The City contends that P.D. 13-224 is not applicable, however, because the Taxpayer never owned the components, they were not sold back to the federal government and they did not create an entirely new device.  While ownership and the details surrounding any sales may impact the question of whether wholesale sales were occurring, those factors are not relevant to the question of assembly.  Based on the analysis above, it is the Department's opinion that a new product was created, one of a substantially different character than the original materials. Therefore, the process of rebuilding the Weapon System B components constituted a manufacturing activity.

Other Contracts

In addition to its Weapon System A and B rebuilding contracts, the Taxpayer also had a number of other contracts to restore certain Weapon System A and B components to working order.  In addition, the Taxpayer also had a number of contracts that did not involve work on either Weapon System A or B.  The descriptions of these contracts provided by the Taxpayer indicate that they may have involved either manufacturing or non-manufacturing activities or a combination of both.

Substantiality

In BBC Brown Boveri, the Court held that after it is determined that a taxpayer is engaged in a manufacturing activity, the taxpayer's manufacturing activities must meet the test of substantiality.  “When a party is engaged in both manufacturing and non-manufacturing activities, it will nonetheless be classified as a manufacturer for tax purposes if the manufacturing portion of its business is substantial.”

The Court offered several constructive measures to be used in determining whether a business should be classified as a manufacturer for local business tax purposes.  These are: (1) the manufacturing component's financial receipts or proportion of total corporate income; (2) the percentage that manufacturing equipment, inventory, etc., comprises of the total capital investment; (3) the number of employees working in the manufacturing component as compared with the total number of employees; or (4) the ratio of manufacturing activities to the entire business.  Pursuant to Title 23 VAC 10-500-520 C, to be considered substantial, the manufacturing component of a business must not be de minimis, merely trivial, or only incidental to its principal business.
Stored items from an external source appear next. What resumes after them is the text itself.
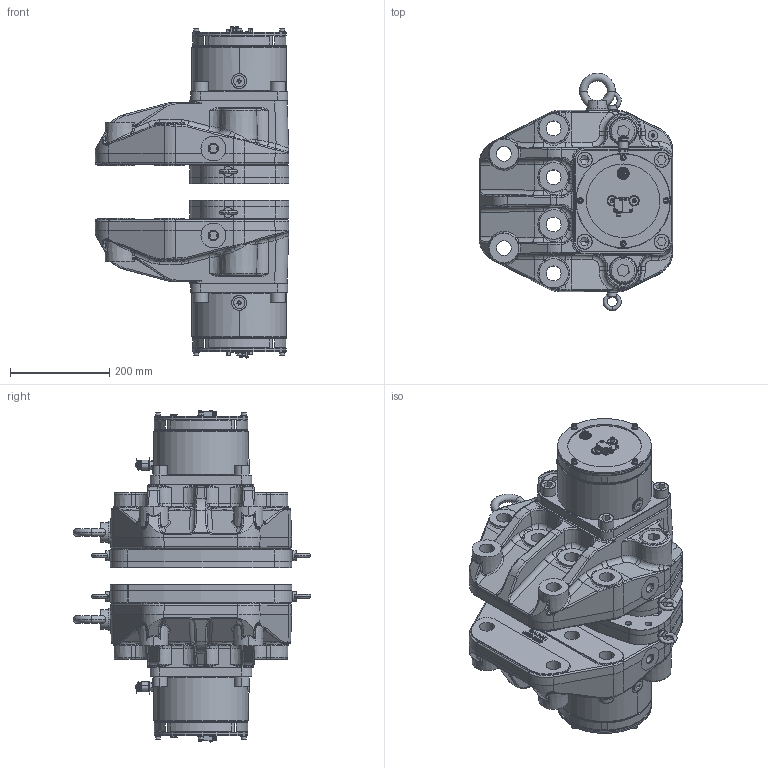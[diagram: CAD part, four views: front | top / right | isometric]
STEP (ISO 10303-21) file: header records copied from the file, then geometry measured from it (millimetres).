
FILE_DESCRIPTION (( 'STEP AP214' ), '1' );
FILE_NAME ('5308-SH.STEP', '2019-12-11T21:39:36', ( '' ), ( '' ), 'SwSTEP 2.0', 'SolidWorks 2019', '' );
FILE_SCHEMA (( 'AUTOMOTIVE_DESIGN' ));
Length unit declared in the file: inch
Products named in the file (1): 5308-SH
Bounding box: 390 x 478.4 x 668.44 mm (x, y, z)
Surface area: 1899142.4 mm2 (no closed solid volume)
Topology: 0 solids, 171 shells, 2022 faces, 7660 edges, 5626 vertices
Faces by surface type: cylinder 640, plane 585, bspline 525, cone 188, torus 84
Entity records: 136355 total; most frequent: CARTESIAN_POINT 51320, ORIENTED_EDGE 11616, DIRECTION 10949, EDGE_CURVE 7617, VERTEX_POINT 5626, AXIS2_PLACEMENT_3D 4266, CIRCLE 2768, EDGE_LOOP 2616

In its final determination, the City stated that it could not clearly identify the extent of the Taxpayer's manufacturing activities based on the four factors above because the Taxpayer was unable to provide sufficient information.  The Taxpayer contends that its manufacturing activities were substantial based on the percentage of gross receipts attributable to the Weapon System A and B rebuilding contracts and the percentage of employees devoted to working on those systems.  In support of its position, the Taxpayer prepared charts showing the amount of revenues derived from the Weapon System A and B contracts it claims involved manufacturing.  The Taxpayer also claims that 79% of the Taxpayer's employees were involved in the manufacture of components for the systems.  A list of employees provided, however, indicated that 60% of the Taxpayer's employees were devoted to manufacturing activities, and it is unclear how the Taxpayer arrived at this percentage.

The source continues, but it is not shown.